* [Problem description] With the pictures removed, write out the data below exactly.

Start of Extracted records

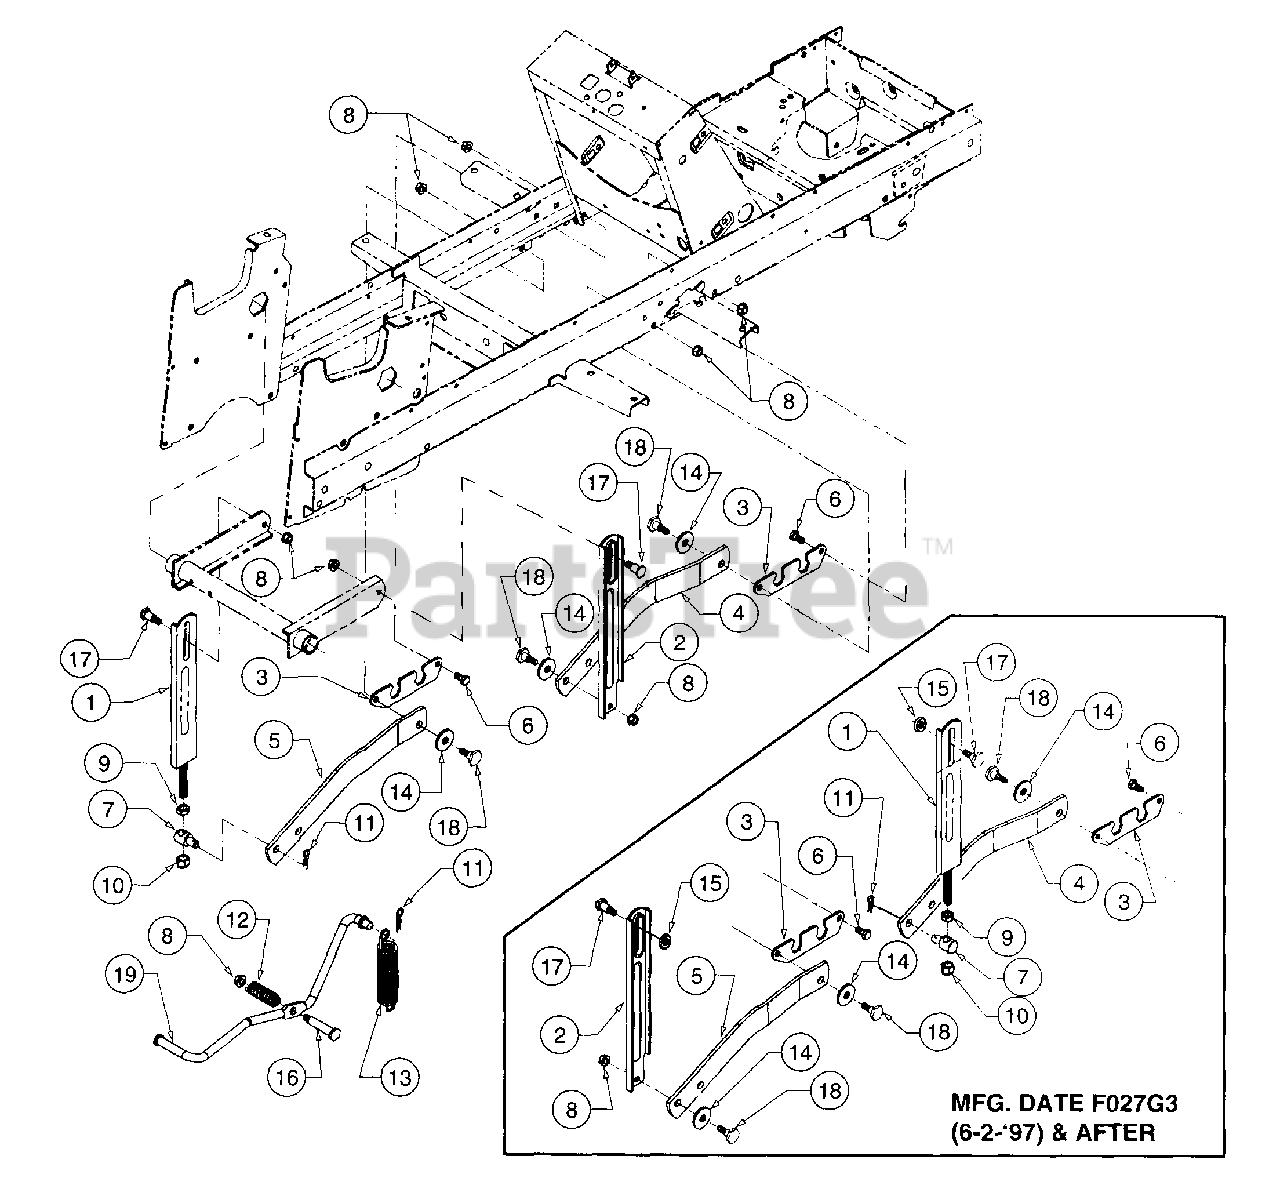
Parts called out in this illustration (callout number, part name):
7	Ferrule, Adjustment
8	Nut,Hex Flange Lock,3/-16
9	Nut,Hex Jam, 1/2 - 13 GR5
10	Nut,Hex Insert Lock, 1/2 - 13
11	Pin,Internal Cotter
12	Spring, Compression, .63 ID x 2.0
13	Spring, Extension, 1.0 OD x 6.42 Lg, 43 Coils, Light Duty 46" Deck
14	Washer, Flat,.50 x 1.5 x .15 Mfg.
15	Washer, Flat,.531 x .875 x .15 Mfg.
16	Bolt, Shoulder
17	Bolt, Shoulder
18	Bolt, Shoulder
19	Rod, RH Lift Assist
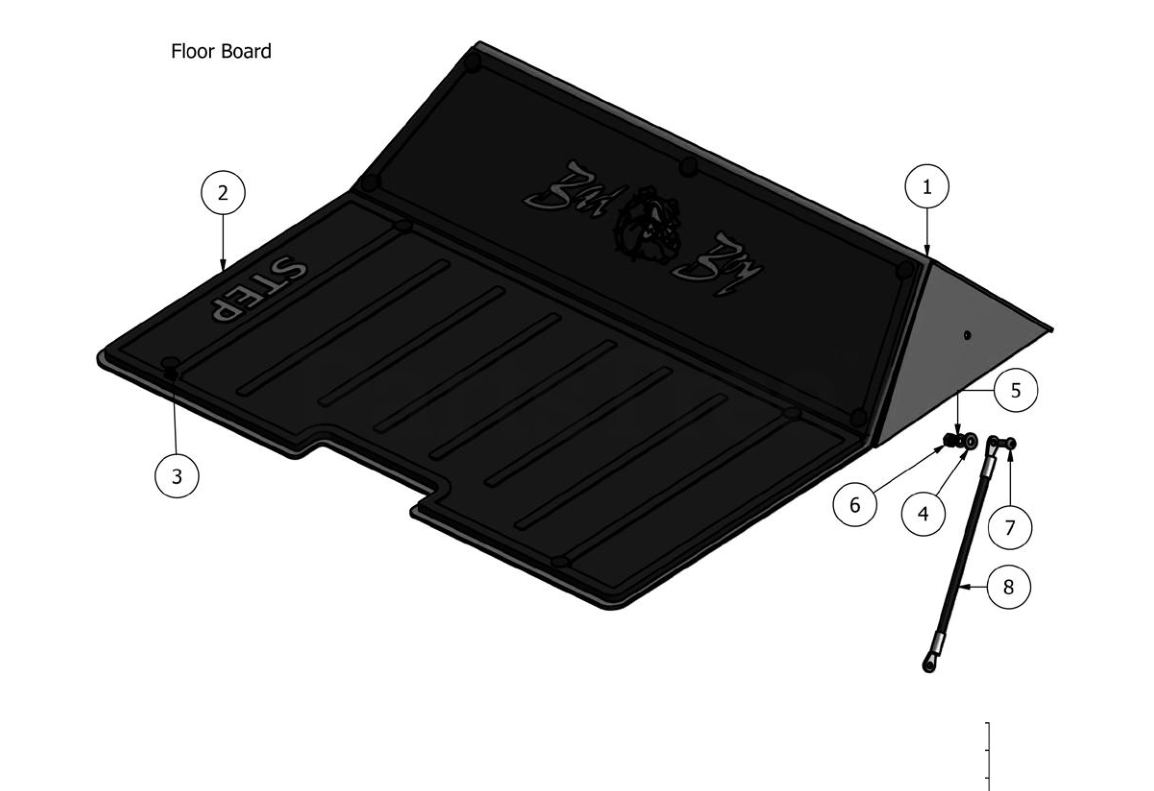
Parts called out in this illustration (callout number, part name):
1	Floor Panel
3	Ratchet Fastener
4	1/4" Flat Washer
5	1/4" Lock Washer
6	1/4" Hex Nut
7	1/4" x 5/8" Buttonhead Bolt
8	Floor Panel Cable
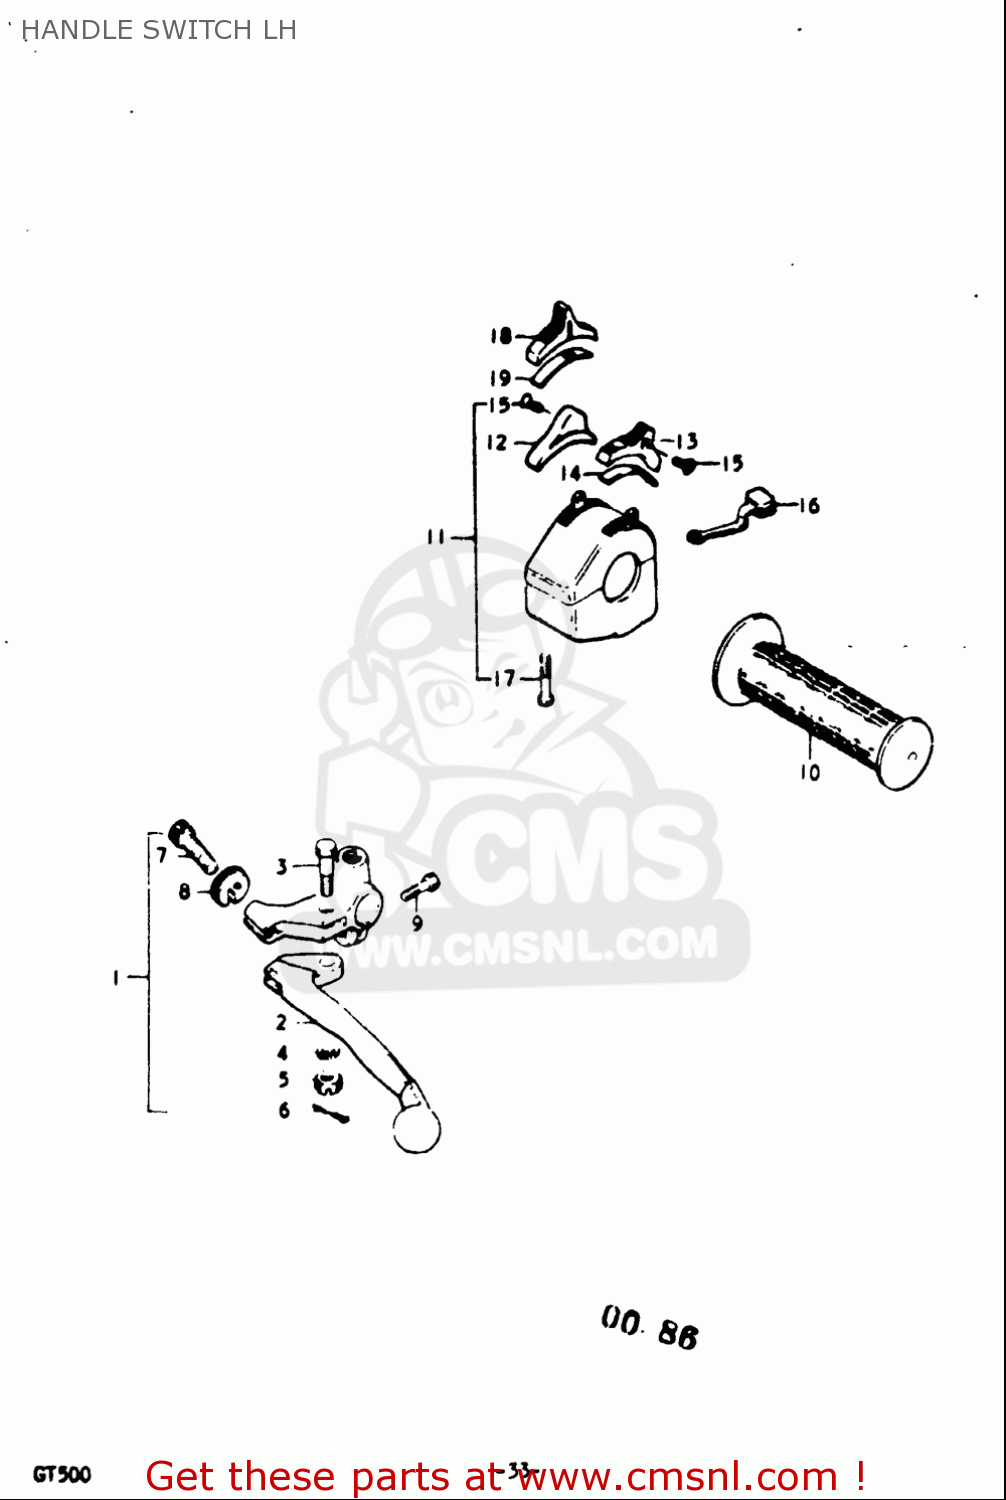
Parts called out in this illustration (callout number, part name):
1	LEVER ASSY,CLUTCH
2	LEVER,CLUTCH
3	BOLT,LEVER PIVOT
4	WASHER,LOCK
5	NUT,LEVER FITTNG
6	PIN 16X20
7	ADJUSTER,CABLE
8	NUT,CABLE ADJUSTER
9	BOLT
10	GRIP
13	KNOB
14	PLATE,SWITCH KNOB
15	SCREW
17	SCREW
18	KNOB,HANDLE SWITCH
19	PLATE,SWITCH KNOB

End of Extracted records

* [Problem solution]
Parts called out in this illustration (callout number, part name):
7	Ferrule, Adjustment
8	Nut,Hex Flange Lock,3/-16
9	Nut,Hex Jam, 1/2 - 13 GR5
10	Nut,Hex Insert Lock, 1/2 - 13
11	Pin,Internal Cotter
12	Spring, Compression, .63 ID x 2.0
13	Spring, Extension, 1.0 OD x 6.42 Lg, 43 Coils, Light Duty 46" Deck
14	Washer, Flat,.50 x 1.5 x .15 Mfg.
15	Washer, Flat,.531 x .875 x .15 Mfg.
16	Bolt, Shoulder
17	Bolt, Shoulder
18	Bolt, Shoulder
19	Rod, RH Lift Assist
Parts called out in this illustration (callout number, part name):
1	Floor Panel
3	Ratchet Fastener
4	1/4" Flat Washer
5	1/4" Lock Washer
6	1/4" Hex Nut
7	1/4" x 5/8" Buttonhead Bolt
8	Floor Panel Cable
Parts called out in this illustration (callout number, part name):
1	LEVER ASSY,CLUTCH
2	LEVER,CLUTCH
3	BOLT,LEVER PIVOT
4	WASHER,LOCK
5	NUT,LEVER FITTNG
6	PIN 16X20
7	ADJUSTER,CABLE
8	NUT,CABLE ADJUSTER
9	BOLT
10	GRIP
13	KNOB
14	PLATE,SWITCH KNOB
15	SCREW
17	SCREW
18	KNOB,HANDLE SWITCH
19	PLATE,SWITCH KNOB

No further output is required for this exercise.